Surveys of engagement are of little value if the organization does not know how to engage disengaged employees.

Does anyone in your utility have this knowledge?

Best regards, Ben
Lucie:
here is a little snippet from the folks at Gallup:
http://gmj.gallup.com/content/22735/can-managers-engage-union-emplo...
David

11 May 2006
Can Managers Engage Union Employees?
Business leaders offer insights into overcoming labor-management conflicts
EMPLOYEE ENGAGEMENT
SAFETY
UNIONS
by Steve Crabtree
PAGE: 12
If management takes a more active role in engaging its unionized workers, does that reduce the need for organized labor? Will unions view systematic efforts by management to keep employees happy and fulfilled as an attempt to undermine their own support?

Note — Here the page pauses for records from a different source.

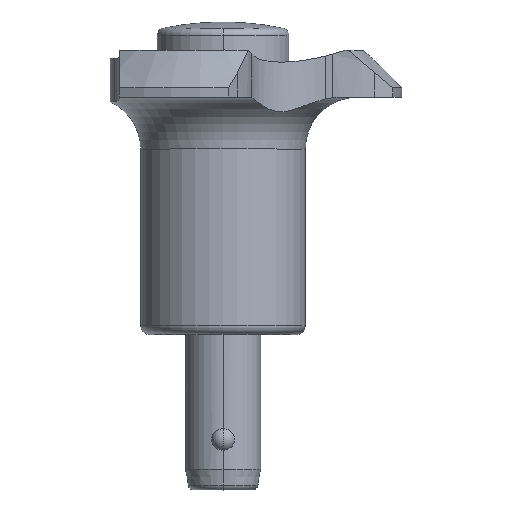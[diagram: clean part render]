
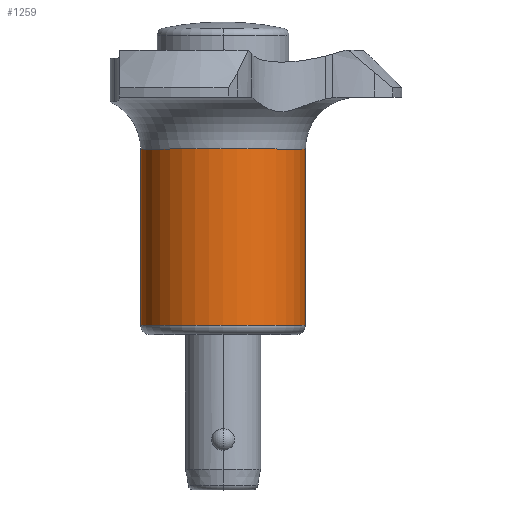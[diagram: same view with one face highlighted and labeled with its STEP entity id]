
A CAD part, top view. The second image highlights one B-rep face of the part: STEP entity #1259.
In plain terms, the highlighted cylindrical face has radius 8.75 mm (diameter 17.5 mm), a partial arc.
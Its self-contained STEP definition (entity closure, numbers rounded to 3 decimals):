
#58 = DIRECTION ( 'NONE',  ( -1., 0., 0. ) ) ;
#78 = EDGE_CURVE ( 'NONE', #1651, #2653, #906, .T. ) ;
#84 = AXIS2_PLACEMENT_3D ( 'NONE', #2649, #2602, #891 ) ;
#87 = CYLINDRICAL_SURFACE ( 'NONE', #2145, 8.75 ) ;
#176 = AXIS2_PLACEMENT_3D ( 'NONE', #2339, #1878, #2755 ) ;
#216 = VERTEX_POINT ( 'NONE', #2360 ) ;
#311 = CARTESIAN_POINT ( 'NONE',  ( 8.75, 30.2, 0. ) ) ;
#368 = CARTESIAN_POINT ( 'NONE',  ( 8.75, 19.7, 0. ) ) ;
#386 = DIRECTION ( 'NONE',  ( 0., 1., 0. ) ) ;
#704 = DIRECTION ( 'NONE',  ( 0., 1., 0. ) ) ;
#891 = DIRECTION ( 'NONE',  ( -1., 0., 0. ) ) ;
#906 = LINE ( 'NONE', #311, #2205 ) ;
#1108 = ORIENTED_EDGE ( 'NONE', *, *, #2154, .F. ) ;
#1167 = DIRECTION ( 'NONE',  ( 0., 1., 0. ) ) ;
#1175 = CIRCLE ( 'NONE', #176, 8.75 ) ;
#1234 = EDGE_LOOP ( 'NONE', ( #1513, #2780, #2792, #1108 ) ) ;
#1244 = EDGE_CURVE ( 'NONE', #1370, #2653, #2525, .T. ) ;
#1259 = ADVANCED_FACE ( 'NONE', ( #1357 ), #87, .T. ) ;
#1357 = FACE_OUTER_BOUND ( 'NONE', #1234, .T. ) ;
#1370 = VERTEX_POINT ( 'NONE', #1620 ) ;
#1513 = ORIENTED_EDGE ( 'NONE', *, *, #2535, .T. ) ;
#1543 = VECTOR ( 'NONE', #386, 1000. ) ;
#1620 = CARTESIAN_POINT ( 'NONE',  ( -8.75, 19.7, 0. ) ) ;
#1651 = VERTEX_POINT ( 'NONE', #2058 ) ;
#1878 = DIRECTION ( 'NONE',  ( 0., 1., 0. ) ) ;
#2058 = CARTESIAN_POINT ( 'NONE',  ( 8.75, 1., 0. ) ) ;
#2086 = CARTESIAN_POINT ( 'NONE',  ( -8.75, 30.2, 0. ) ) ;
#2145 = AXIS2_PLACEMENT_3D ( 'NONE', #2409, #704, #58 ) ;
#2154 = EDGE_CURVE ( 'NONE', #216, #1370, #2318, .T. ) ;
#2205 = VECTOR ( 'NONE', #1167, 1000. ) ;
#2318 = LINE ( 'NONE', #2086, #1543 ) ;
#2339 = CARTESIAN_POINT ( 'NONE',  ( 0., 1., 0. ) ) ;
#2360 = CARTESIAN_POINT ( 'NONE',  ( -8.75, 1., 0. ) ) ;
#2409 = CARTESIAN_POINT ( 'NONE',  ( 0., 30.2, 0. ) ) ;
#2525 = CIRCLE ( 'NONE', #84, 8.75 ) ;
#2535 = EDGE_CURVE ( 'NONE', #216, #1651, #1175, .T. ) ;
#2602 = DIRECTION ( 'NONE',  ( 0., 1., 0. ) ) ;
#2649 = CARTESIAN_POINT ( 'NONE',  ( 0., 19.7, 0. ) ) ;
#2653 = VERTEX_POINT ( 'NONE', #368 ) ;
#2755 = DIRECTION ( 'NONE',  ( 1., 0., 0. ) ) ;
#2780 = ORIENTED_EDGE ( 'NONE', *, *, #78, .T. ) ;
#2792 = ORIENTED_EDGE ( 'NONE', *, *, #1244, .F. ) ;

If so, how can companies defuse the situation by working with unions to support employee engagement?

Executives and managers tackled these and other questions at a recent Gallup roundtable discussion on engaging union employees, which took place in Washington, D.C. The 25 participants came from companies in a variety of industries, but all either had a large proportion of union employees or must account for the influence of unions in their labor market.
Public attitudes towards unions
James K. Harter, Ph.D., Gallup's chief scientist for workplace management and wellbeing, got the event started with a review of recent Gallup data on labor unions. He stated that Americans are less likely to belong to labor unions than they were 50 years ago. In the 1940s and 1950s, about one in six Americans told Gallup pollsters they belonged to a union; today the number is about one in ten. Unions still enjoy public support, although Americans' likelihood to say they approve of them has also declined somewhat in recent decades. Currently, 58% of Americans say they approve of unions, while 33% disapprove. A slight majority, 52%, say they've tended to sympathize with unions in labor disputes over the last two or three years, while 34% say they've sympathized with the companies.
From a manager's perspective, the crucial question is how the presence of a union colors his or her relationships with employees. Gallup's data suggest that union employees are, on average, less engaged than non-union employees. As the graphic indicates, the percentage of actively disengaged employees is considerably higher among unionized than non-unionized employees in the same company. (See graphics "Union Employees Less Engaged" and "The Three Types of Employees.")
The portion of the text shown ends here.